By Stephanie Trotter
It’s 9 a.m., and the 6AM City team is gathering for its morning content meeting. It’s the first and last task the digital media company accomplishes daily resembling a traditional newsroom. Breaking away from old-school print and broadcast norms, the Greenville-based startup (and Community Journals subsidiary) has exploded in less than three years, delivering content to 175,000 subscribers’ inboxes across six cities, from Florida to Tennessee.
“There was a gap in the market,” explains COO Ryan Heafy of launching GVLtoday in 2016. “Curating all that was going on, and delivering that in a conversational tone, in a way that people wanted to see it, we were able to fill that gap and take advantage of the opportunity.”
This week, Heafy and CEO Ryan Johnston will return to NEXT Venture Pitch to collect a check for $200,000 from SC Launch Inc. The duo first appeared at the entrepreneurial event last year, spending four minutes “pitching” 6AM to the sold-out crowd of innovators and investors. “It feels great to have them back so soon,” says NEXT President & CEO John Moore. “What’s cool about 6AM, it proves that all kinds of industries are right for disruptions and innovation.”
Back in 2017, three angel investors (Erwin Creates, Sycamore Investments, and Venture South/Upstate Carolina Angel Network) covered a first-seed round of $700,000. GVLtoday started pushing daily newsletters to email subscribers. COLAtoday in Columbia and CHStoday in Charleston soon followed. The 6AM team totals 24, with headquarters in Greenville and two multimedia journalists in each market, which now includes Asheville, North Carolina; Chattanooga, Tennessee; and Lakeland, Florida.
Revenues in 2018 topped $1 million dollars and are projected to hit $2.5 million in 2019. “Greenville doesn’t have a Silicon Valley mindset of taking big bets on technology,” Heafy says. “We were able to find the money, the faith, and trust in our business locally, and it’s been very rewarding that they’ve been able to journey along the way with us.”
What’s even more rewarding is that all original investors have come in again for round two, as 6AM seeks to raise $800,000.
The team plans to use the additional $200,000 from SC Launch to drive technology development to increase operational efficiencies. COO Heafy adds, “We are using technology to get smarter about how we cover content and what works in a local market.”
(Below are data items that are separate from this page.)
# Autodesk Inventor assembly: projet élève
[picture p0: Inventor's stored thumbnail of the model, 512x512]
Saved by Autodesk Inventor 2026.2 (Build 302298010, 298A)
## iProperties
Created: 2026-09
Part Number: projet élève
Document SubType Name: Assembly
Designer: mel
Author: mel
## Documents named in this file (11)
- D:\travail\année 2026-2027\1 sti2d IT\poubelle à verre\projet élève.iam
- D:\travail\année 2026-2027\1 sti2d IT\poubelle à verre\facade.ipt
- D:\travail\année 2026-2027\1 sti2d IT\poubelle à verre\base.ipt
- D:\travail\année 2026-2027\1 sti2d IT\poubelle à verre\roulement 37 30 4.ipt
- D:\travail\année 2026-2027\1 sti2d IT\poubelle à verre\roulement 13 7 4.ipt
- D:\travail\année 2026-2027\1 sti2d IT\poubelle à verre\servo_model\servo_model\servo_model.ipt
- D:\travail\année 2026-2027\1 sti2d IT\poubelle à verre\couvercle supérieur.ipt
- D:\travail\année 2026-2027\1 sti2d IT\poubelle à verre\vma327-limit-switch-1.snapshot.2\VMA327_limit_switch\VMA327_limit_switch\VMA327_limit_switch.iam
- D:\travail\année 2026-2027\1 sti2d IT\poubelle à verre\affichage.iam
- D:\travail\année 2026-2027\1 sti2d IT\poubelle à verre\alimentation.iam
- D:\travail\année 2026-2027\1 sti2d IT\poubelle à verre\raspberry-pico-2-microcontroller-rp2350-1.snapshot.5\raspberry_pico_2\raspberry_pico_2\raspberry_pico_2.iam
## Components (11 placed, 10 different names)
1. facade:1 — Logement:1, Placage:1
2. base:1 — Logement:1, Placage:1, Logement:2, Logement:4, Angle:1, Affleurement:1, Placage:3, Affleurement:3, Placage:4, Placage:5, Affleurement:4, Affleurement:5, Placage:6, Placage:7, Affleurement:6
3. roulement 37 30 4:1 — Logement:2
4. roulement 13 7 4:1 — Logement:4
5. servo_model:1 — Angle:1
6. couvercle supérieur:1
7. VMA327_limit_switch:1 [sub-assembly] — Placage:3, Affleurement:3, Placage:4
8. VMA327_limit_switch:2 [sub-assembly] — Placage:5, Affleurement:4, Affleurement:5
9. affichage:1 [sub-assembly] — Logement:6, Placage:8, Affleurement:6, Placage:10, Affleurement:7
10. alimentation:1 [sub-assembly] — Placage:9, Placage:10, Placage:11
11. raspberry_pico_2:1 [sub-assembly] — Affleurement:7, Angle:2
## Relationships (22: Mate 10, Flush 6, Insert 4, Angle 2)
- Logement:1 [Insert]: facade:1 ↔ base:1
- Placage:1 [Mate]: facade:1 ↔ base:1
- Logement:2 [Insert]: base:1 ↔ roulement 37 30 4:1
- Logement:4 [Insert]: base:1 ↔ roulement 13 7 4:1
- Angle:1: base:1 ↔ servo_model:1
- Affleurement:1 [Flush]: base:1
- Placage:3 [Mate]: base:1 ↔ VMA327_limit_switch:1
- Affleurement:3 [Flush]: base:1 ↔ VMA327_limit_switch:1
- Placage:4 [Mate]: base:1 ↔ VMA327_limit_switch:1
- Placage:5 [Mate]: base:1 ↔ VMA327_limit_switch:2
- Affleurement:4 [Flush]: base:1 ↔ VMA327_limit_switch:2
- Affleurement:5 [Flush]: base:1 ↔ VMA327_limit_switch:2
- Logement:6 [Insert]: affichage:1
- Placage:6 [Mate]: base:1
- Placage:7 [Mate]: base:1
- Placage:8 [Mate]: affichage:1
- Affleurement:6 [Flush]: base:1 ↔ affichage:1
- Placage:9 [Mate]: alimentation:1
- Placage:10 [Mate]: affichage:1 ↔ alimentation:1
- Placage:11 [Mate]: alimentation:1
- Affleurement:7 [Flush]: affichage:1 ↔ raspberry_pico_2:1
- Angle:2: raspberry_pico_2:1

Lee MacIlwinen mentors Heafy and Johnston through South Carolina’s Research Authority. The regional information-technology industry manager says 6AM’s innovative expansion is a primary reason it’s one of a dozen companies receiving SC Launch investment this year. “By the time they get to a city, they already have that revenue model, it’s already completely booked, or partially booked. So, as they scale their company, the revenue scales with it, which is unique,” MacIlwinen says.
SC Launch Executive Director Jill Sorensen elaborates, “We talk about learn, launch, scale, grow. We think 6AM is in that lane. What’s striking is that they’ve got a really interesting balance in system. You can normalize a lot of your operations by standardizing email outreach, but then personalizing city by city, so that community is defined.”
Heafy looks at the SC Launch check as a full-circle opportunity. “They’ve placed a bet on us, and our ability to help influence, support, and impact all of the other companies they’re investing in,” he says. “Our product is naturally giving back to each of them, and elevating brands as a whole in the state of South Carolina.”
Following a hub-and-spoke model, each month 6AM is adding an average of 1.25 full-time, highly skilled employees while experiencing an average 5 percent increase in newsletter subscribers. Part of the team is exploring possible cities for expansion. Others on the team continue to press technology that will maximize the experience for the publisher, advertisers, and consumers.
Meanwhile, Johnston is looking far beyond 2020. “Media will look differently tomorrow,” he predicts. “It’s changing so fast. It’s our job to pay attention to the changing technology … and try to build a brand and understand what that brand represents in our community. The way we have those conversations with where our audience is, whatever that looks like in 20 years, is where we hope the brand will be positioned.”